Глеб Шульпяков. Белый человек
Опубликовано в журнале Урал, номер 6, 2022
Глеб Шульпяков. Белый человек: Избранные и новые стихотворения. — М.: Время, 2021. (Поэтическая библиотека).
«Белый человек» — герой новой одноимённой книги стихотворений Глеба Шульпякова. Герой, которому подарена самая светлая, различимая сторона личности автора, и поэтому к нему переходит самое лучшее и интересное, и в этом смысле он точно такой же «избранный», как и стихи сборника, составленные из всей ранее написанной Глебом Шульпяковым поэзии.
Вот «белый человек» только что пришёл с улицы, вот уже готов уйти, на минуту задержавшись. Он всегда в движении и как бы вполоборота: между путешествиями, между выходом из своего внутреннего пространства и снова погружением в него. Контраст этого «между» ложится на лирического персонажа, очерчивая, отштриховывая его образ по границе света и тени. То же самое и с книгой — она как промежуточный этап, попытка взять паузу и перемолчать какой-то срок, чтобы обдумать прежнее и начать вслушиваться в будущее.

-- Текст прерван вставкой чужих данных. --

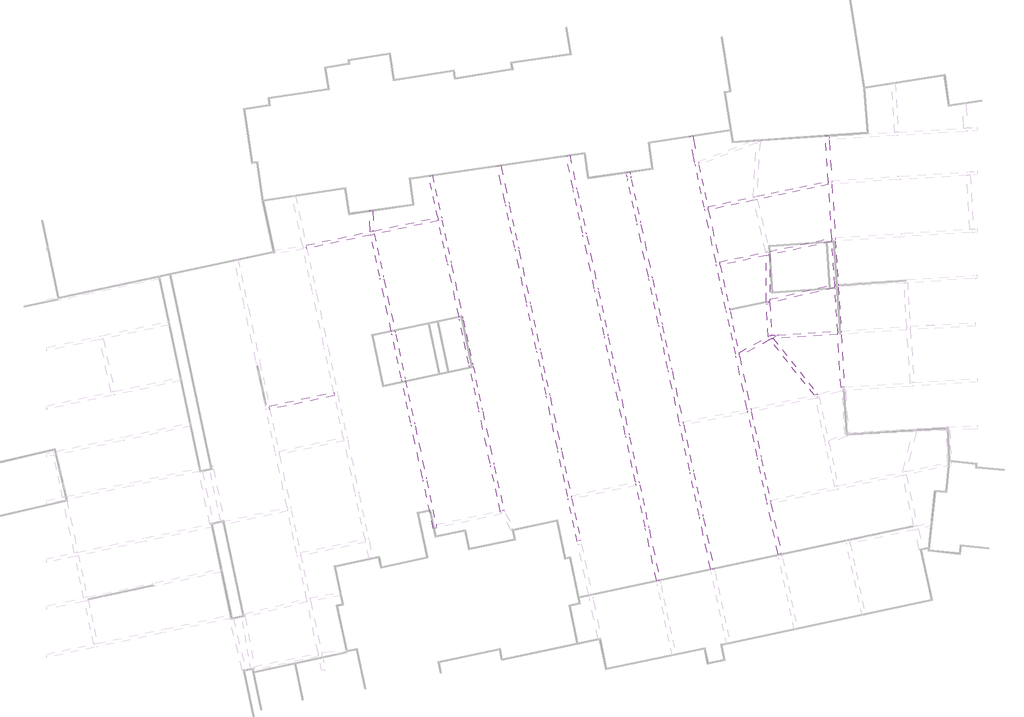
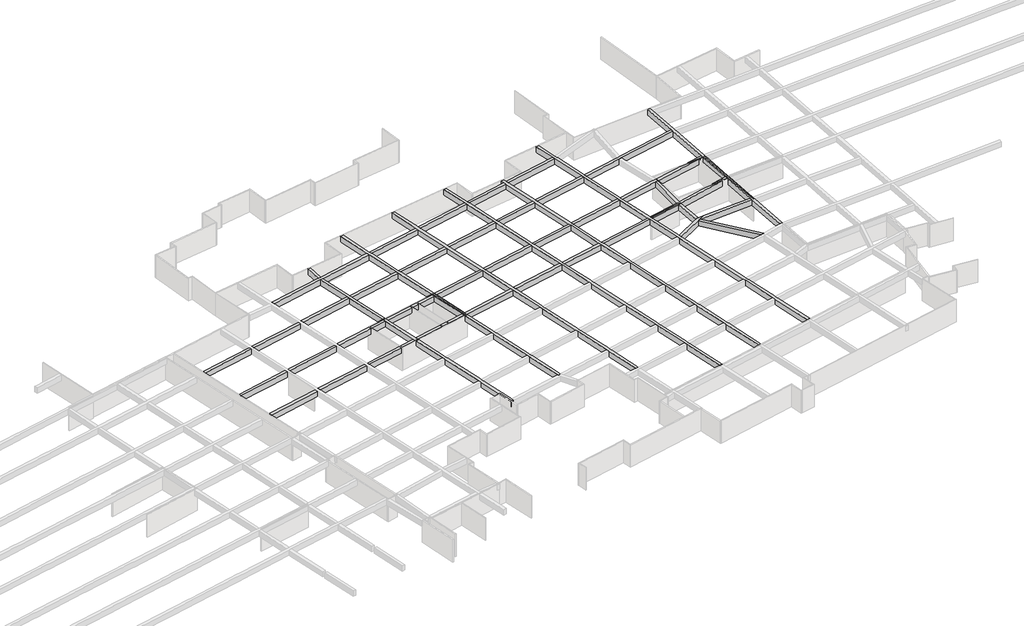
# One storey, part 10 of 14: 18 beams.
"""IFC4 building model written with IfcOpenShell, lengths in millimetres."""

from ifc_helpers import new_model, si_unit, frame, origin, place, context, project, spatial, polyline, outline, extrude, faceted_brep, element, save

model = new_model("IFC4")

# Units and contexts
model_context = context("Model", 3, world=origin())
ifc_project = project(units=[si_unit("LENGTHUNIT", "METRE", prefix="MILLI")], contexts=[model_context])

# Site, building, storey
site = spatial("IfcSite", under=ifc_project)
building = spatial("IfcBuilding", under=site)
storey = spatial("IfcBuildingStorey", under=building, Name="户型图", Elevation=0.0)

# Beams
placement = place(None, origin())
element("IfcBeam", 1, ObjectType="混凝土 - 矩形梁 : KL_beam", at=placement, inside=storey, context=model_context, shape_type="SweptSolid", body=[
    extrude(outline(polyline([(-247291.3597024, -139083.8420876), (-246891.9078885, -139062.9077051), (-246769.3406579, -141401.6297867), (-247165.4767913, -141485.8311212), (-247291.3597024, -139083.8420876)])), frame((0.0, 0.0, 2500.0), z_axis=(0.0, 0.0, 1.0), x_axis=(1.0, 0.0, 0.0)), (0.0, 0.0, 1.0), 800.0),
])
element("IfcBeam", 2, ObjectType="混凝土 - 矩形梁 : KL_beam", at=placement, inside=storey, context=model_context, shape_type="Brep", body=[
    faceted_brep([(-239502.5663622, -175696.1273321, 3300.0), (-239502.5663622, -175696.1273321, 2500.0), (-239585.7310386, -175304.8682918, 2500.0), (-240656.2680649, -170268.3875645, 2500.0), (-240739.4335016, -169877.124947, 2500.0), (-242007.8205291, -163909.833147, 2500.0), (-242090.9852054, -163518.5741067, 2500.0), (-243116.5813419, -158693.5236429, 2500.0), (-243199.7460182, -158302.2646026, 2500.0), (-244253.2667899, -153345.839059, 2500.0), (-244336.4314662, -152954.5800187, 2500.0), (-245612.0065383, -146953.4711277, 2500.0), (-245695.1712146, -146562.2120874, 2500.0), (-246707.9389128, -141797.5146808, 2500.0), (-246707.9389128, -141797.5146808, 3300.0), (-245695.1712146, -146562.2120874, 3300.0), (-245612.0065383, -146953.4711277, 3300.0), (-244336.4314662, -152954.5800187, 3300.0), (-244253.2667899, -153345.839059, 3300.0), (-243199.7460182, -158302.2646026, 3300.0), (-243116.5813419, -158693.5236429, 3300.0), (-242090.9852054, -163518.5741067, 3300.0), (-242007.8205291, -163909.833147, 3300.0), (-240739.4335016, -169877.124947, 3300.0), (-240656.2680649, -170268.3875645, 3300.0), (-239585.7310386, -175304.8682918, 3300.0), (-247099.1979531, -141880.6793572, 2500.0), (-247099.1979531, -141880.6793572, 3300.0), (-246086.4302549, -146645.3767637, 3300.0), (-246003.2655786, -147036.635804, 3300.0), (-244727.6905065, -153037.7446951, 3300.0), (-244644.5258302, -153429.0037354, 3300.0), (-243591.0050585, -158385.4292789, 3300.0), (-243507.8403822, -158776.6883192, 3300.0), (-242482.2442457, -163601.738783, 3300.0), (-242399.0795694, -163992.9978233, 3300.0), (-241130.3369189, -169961.9626978, 3300.0), (-241047.1714822, -170353.2253152, 3300.0), (-239893.8254025, -175779.2920084, 3300.0), (-246086.4302549, -146645.3767637, 2500.0), (-246003.2655786, -147036.635804, 2500.0), (-244727.6905065, -153037.7446951, 2500.0), (-244644.5258302, -153429.0037354, 2500.0), (-243591.0050585, -158385.4292789, 2500.0), (-243507.8403822, -158776.6883192, 2500.0), (-242482.2442457, -163601.738783, 2500.0), (-242399.0795694, -163992.9978233, 2500.0), (-241130.3369189, -169961.9626978, 2500.0), (-241047.1714822, -170353.2253152, 2500.0), (-239893.8254025, -175779.2920084, 2500.0)], [[[0, 1, 2, 3, 4, 5, 6, 7, 8, 9, 10, 11, 12, 13, 14, 15, 16, 17, 18, 19, 20, 21, 22, 23, 24, 25]], [[14, 13, 26, 27]], [[14, 27, 28, 29, 30, 31, 32, 33, 34, 35, 36, 37, 38, 0, 25, 24, 23, 22, 21, 20, 19, 18, 17, 16, 15]], [[27, 26, 39, 40, 41, 42, 43, 44, 45, 46, 47, 48, 49, 38, 37, 36, 35, 34, 33, 32, 31, 30, 29, 28]], [[26, 13, 12, 11, 10, 9, 8, 7, 6, 5, 4, 3, 2, 1, 49, 48, 47, 46, 45, 44, 43, 42, 41, 40, 39]], [[0, 38, 49, 1]]]),
])
element("IfcBeam", 3, ObjectType="混凝土 - 矩形梁 : KL_beam", at=placement, inside=storey, context=model_context, shape_type="Brep", body=[
    faceted_brep([(-240003.3061587, -134987.1905484, 3300.0), (-240003.3061587, -134987.1905484, 2500.0), (-240394.565199, -135070.3552247, 2500.0), (-240394.565199, -135070.3552247, 3300.0), (-232154.5574648, -173836.5437133, 3300.0), (-231776.7079802, -173690.2920379, 3300.0), (-231785.9170748, -173646.966654, 3300.0), (-232863.5435036, -168577.1329101, 3300.0), (-232946.7089403, -168185.8702927, 3300.0), (-234208.0065653, -162251.9315092, 3300.0), (-234291.1712416, -161860.6724689, 3300.0), (-235316.7673781, -157035.6220051, 3300.0), (-235399.9320544, -156644.3629648, 3300.0), (-236453.4528261, -151687.9374212, 3300.0), (-236536.6175025, -151296.6783809, 3300.0), (-237812.1925745, -145295.5694899, 3300.0), (-237895.3572509, -144904.3104496, 3300.0), (-238908.124949, -140139.613043, 3300.0), (-238991.2896253, -139748.3540027, 3300.0), (-239382.5486656, -139831.5186791, 3300.0), (-239299.3839893, -140222.7777194, 3300.0), (-238286.6162912, -144987.4751259, 3300.0), (-238203.4516148, -145378.7341662, 3300.0), (-236927.8765428, -151379.8430573, 3300.0), (-236844.7118664, -151771.1020976, 3300.0), (-235791.1910947, -156727.5276411, 3300.0), (-235708.0264184, -157118.7866814, 3300.0), (-234682.4302819, -161943.8371452, 3300.0), (-234599.2656056, -162335.0961855, 3300.0), (-233337.6123577, -168270.7080435, 3300.0), (-233254.446921, -168661.9706609, 3300.0), (-232177.1761151, -173730.1313303, 3300.0), (-232154.5574648, -173836.5437133, 2500.0), (-239382.5486656, -139831.5186791, 2500.0), (-239299.3839893, -140222.7777194, 2500.0), (-238286.6162912, -144987.4751259, 2500.0), (-238203.4516148, -145378.7341662, 2500.0), (-236927.8765428, -151379.8430573, 2500.0), (-236844.7118664, -151771.1020976, 2500.0), (-235791.1910947, -156727.5276411, 2500.0), (-235708.0264184, -157118.7866814, 2500.0), (-234682.4302819, -161943.8371452, 2500.0), (-234599.2656056, -162335.0961855, 2500.0), (-233337.6123577, -168270.7080435, 2500.0), (-233254.446921, -168661.9706609, 2500.0), (-232177.1761151, -173730.1313303, 2500.0), (-231776.7079802, -173690.2920379, 2500.0), (-238991.2896253, -139748.3540027, 2500.0), (-238908.124949, -140139.613043, 2500.0), (-237895.3572509, -144904.3104496, 2500.0), (-237812.1925745, -145295.5694899, 2500.0), (-236536.6175025, -151296.6783809, 2500.0), (-236453.4528261, -151687.9374212, 2500.0), (-235399.9320544, -156644.3629648, 2500.0), (-235316.7673781, -157035.6220051, 2500.0), (-234291.1712416, -161860.6724689, 2500.0), (-234208.0065653, -162251.9315092, 2500.0), (-232946.7089403, -168185.8702927, 2500.0), (-232863.5435036, -168577.1329101, 2500.0), (-231785.9170748, -173646.966654, 2500.0)], [[[0, 1, 2, 3]], [[4, 5, 6, 7, 8, 9, 10, 11, 12, 13, 14, 15, 16, 17, 18, 0, 3, 19, 20, 21, 22, 23, 24, 25, 26, 27, 28, 29, 30, 31]], [[32, 4, 31, 30, 29, 28, 27, 26, 25, 24, 23, 22, 21, 20, 19, 3, 2, 33, 34, 35, 36, 37, 38, 39, 40, 41, 42, 43, 44, 45]], [[46, 32, 45, 44, 43, 42, 41, 40, 39, 38, 37, 36, 35, 34, 33, 2, 1, 47, 48, 49, 50, 51, 52, 53, 54, 55, 56, 57, 58, 59]], [[5, 46, 59, 58, 57, 56, 55, 54, 53, 52, 51, 50, 49, 48, 47, 1, 0, 18, 17, 16, 15, 14, 13, 12, 11, 10, 9, 8, 7, 6]], [[5, 4, 32, 46]]]),
])
element("IfcBeam", 4, ObjectType="混凝土 - 矩形梁 : KL_beam", at=placement, inside=storey, context=model_context, shape_type="Brep", body=[
    faceted_brep([(-232107.9736676, -133827.7635984, 3300.0), (-232107.9736676, -133827.7635984, 2500.0), (-232499.2327078, -133910.9282747, 2500.0), (-232499.2327078, -133910.9282747, 3300.0), (-231592.7191403, -138175.7392992, 3300.0), (-231509.554464, -138566.9983395, 3300.0), (-230496.7867659, -143331.695746, 3300.0), (-230413.6220895, -143722.9547863, 3300.0), (-229138.0470174, -149724.0636774, 3300.0), (-229054.8823411, -150115.3227177, 3300.0), (-228001.3615694, -155071.7482612, 3300.0), (-227918.1968931, -155463.0073015, 3300.0), (-226892.6007566, -160288.0577653, 3300.0), (-226809.4360803, -160679.3168056, 3300.0), (-225554.8631598, -166581.6183418, 3300.0), (-225471.6977231, -166972.8809592, 3300.0), (-224387.3465898, -172074.3519504, 3300.0), (-224304.1819135, -172465.6109907, 3300.0), (-223290.3781842, -177235.1825406, 3300.0), (-222899.1191439, -177152.0178643, 3300.0), (-223912.9228732, -172382.4463144, 3300.0), (-223996.0875495, -171991.1872741, 3300.0), (-225080.7943058, -166888.0432085, 3300.0), (-225163.9597425, -166496.7805911, 3300.0), (-226418.17704, -160596.1521293, 3300.0), (-226501.3417163, -160204.893089, 3300.0), (-227526.9378528, -155379.8426252, 3300.0), (-227610.1025291, -154988.5835849, 3300.0), (-228663.6233008, -150032.1580413, 3300.0), (-228746.7879771, -149640.899001, 3300.0), (-230022.3630492, -143639.79011, 3300.0), (-230105.5277256, -143248.5310697, 3300.0), (-231118.2954237, -138483.8336631, 3300.0), (-231201.4601, -138092.5746229, 3300.0), (-231592.7191403, -138175.7392992, 2500.0), (-231509.554464, -138566.9983395, 2500.0), (-230496.7867659, -143331.695746, 2500.0), (-230413.6220895, -143722.9547863, 2500.0), (-229138.0470174, -149724.0636774, 2500.0), (-229054.8823411, -150115.3227177, 2500.0), (-228001.3615694, -155071.7482612, 2500.0), (-227918.1968931, -155463.0073015, 2500.0), (-226892.6007566, -160288.0577653, 2500.0), (-226809.4360803, -160679.3168056, 2500.0), (-225554.8631598, -166581.6183418, 2500.0), (-225471.6977231, -166972.8809592, 2500.0), (-224387.3465898, -172074.3519504, 2500.0), (-224304.1819135, -172465.6109907, 2500.0), (-223290.3781842, -177235.1825406, 2500.0), (-231201.4601, -138092.5746229, 2500.0), (-231118.2954237, -138483.8336631, 2500.0), (-230105.5277256, -143248.5310697, 2500.0), (-230022.3630492, -143639.79011, 2500.0), (-228746.7879771, -149640.899001, 2500.0), (-228663.6233008, -150032.1580413, 2500.0), (-227610.1025291, -154988.5835849, 2500.0), (-227526.9378528, -155379.8426252, 2500.0), (-226501.3417163, -160204.893089, 2500.0), (-226418.17704, -160596.1521293, 2500.0), (-225163.9597425, -166496.7805911, 2500.0), (-225080.7943058, -166888.0432085, 2500.0), (-223996.0875495, -171991.1872741, 2500.0), (-223912.9228732, -172382.4463144, 2500.0), (-222899.1191439, -177152.0178643, 2500.0)], [[[0, 1, 2, 3]], [[0, 3, 4, 5, 6, 7, 8, 9, 10, 11, 12, 13, 14, 15, 16, 17, 18, 19, 20, 21, 22, 23, 24, 25, 26, 27, 28, 29, 30, 31, 32, 33]], [[3, 2, 34, 35, 36, 37, 38, 39, 40, 41, 42, 43, 44, 45, 46, 47, 48, 18, 17, 16, 15, 14, 13, 12, 11, 10, 9, 8, 7, 6, 5, 4]], [[2, 1, 49, 50, 51, 52, 53, 54, 55, 56, 57, 58, 59, 60, 61, 62, 63, 48, 47, 46, 45, 44, 43, 42, 41, 40, 39, 38, 37, 36, 35, 34]], [[1, 0, 33, 32, 31, 30, 29, 28, 27, 26, 25, 24, 23, 22, 21, 20, 19, 63, 62, 61, 60, 59, 58, 57, 56, 55, 54, 53, 52, 51, 50, 49]], [[19, 18, 48, 63]]]),
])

Белое и чёрное — цветовые и эмоциональные доминанты книги, они же — выразители внешнего и внутреннего, но и они непостоянны и меняются местами. «Белый человек» — внутри, но и он бывает тёмного качества:
как сладко, проникая между строк,
ловить ее некнижное теченье,
пока во тьме земли копает крот,
мой город-крот, темно его значенье.
На этом столкновении, контрасте часто строится конфликт или чувство лирического героя, и нельзя однозначно связать одно с другим, они в диалектическом перетекании меняются местами, подобно инь и ян, отражая в целом свойственную человеку противоречивую динамику сознания. Всё же внутреннего и тёмного, возможно, больше, и поэтому так важно выделить «белого человека», подчеркнуть его решающую роль. Лирический герой — персонаж на контрасте, но всё-таки сделавший шаг вперёд, к свету. И в этом наверняка самый важный вопрос-ответ, которые ставит корпус избранных стихотворений Глеба Шульпякова перед читателем. Кто в череде дней, в бесконечной смене настроений и мест приходит к самому себе, садится за стол перед белым листом? Кто день за днём, год за годом приводит скомканные очертания мира в порядок гласных и согласных, разглаживает записанные на обрывках памяти и сознания заметки в ровные, отбитые перфорацией отступов четверостишия? Этот внутренний человек, не бросающий работу, в комнате с окном в зиму и холода, со взглядом в неразборчивый, рассредоточенный по периферии зрения мир, организующий внутреннюю жизнь в силовой пучок смысла, в напряжение белой шаровой молнии, живущий «под электрической дугой»:
там у меня живёт поэт,
он эти песенки поёт,
там у него парад планет,
а на бульваре гололёд.
Наиболее действенным приёмом осветить лицо, отрефлексировать себя является самоирония. В ранних стихотворениях, насколько это можно судить по сборнику, её больше. Она в характере поэта. И в первых же словах сборника встречаем доминанту чёрного:
…с чёрного хода в литературу,
где канделябры, паркет и булавки.
«Взял себе в жены какую-то дуру».
Ей тут же парирует спасительная самоирония:
«Да, но с глазами любовницы Кафки».
В стихотворении «Вечер печальный, как снег на картине» белое и чёрное сталкиваются на визуальном уровне через снег и уголь. Но в этом случае самоирония сыграла с героем плохую шутку. Безвольно нисходит снег, тьма четырёх стен в «две носопырки» сгущается, уголь побеждает:
Найман пиликает. Хочется выть.
Уголь. Без подписи. Скобку закрыть.
Сборник отражает общее движение поэзии Глеба Шульпякова, которое происходит на разных высотных эшелонах, в ранге от бытового стихотворения до символического и метафизического. На бытовом уровне происходят события, например, в стихотворениях: «Скоро кончится лето — немного ему осталось», «Квартет Шостаковича, № 13. Поставить на “max”», «Третий день в наших краях дует весенний ветер».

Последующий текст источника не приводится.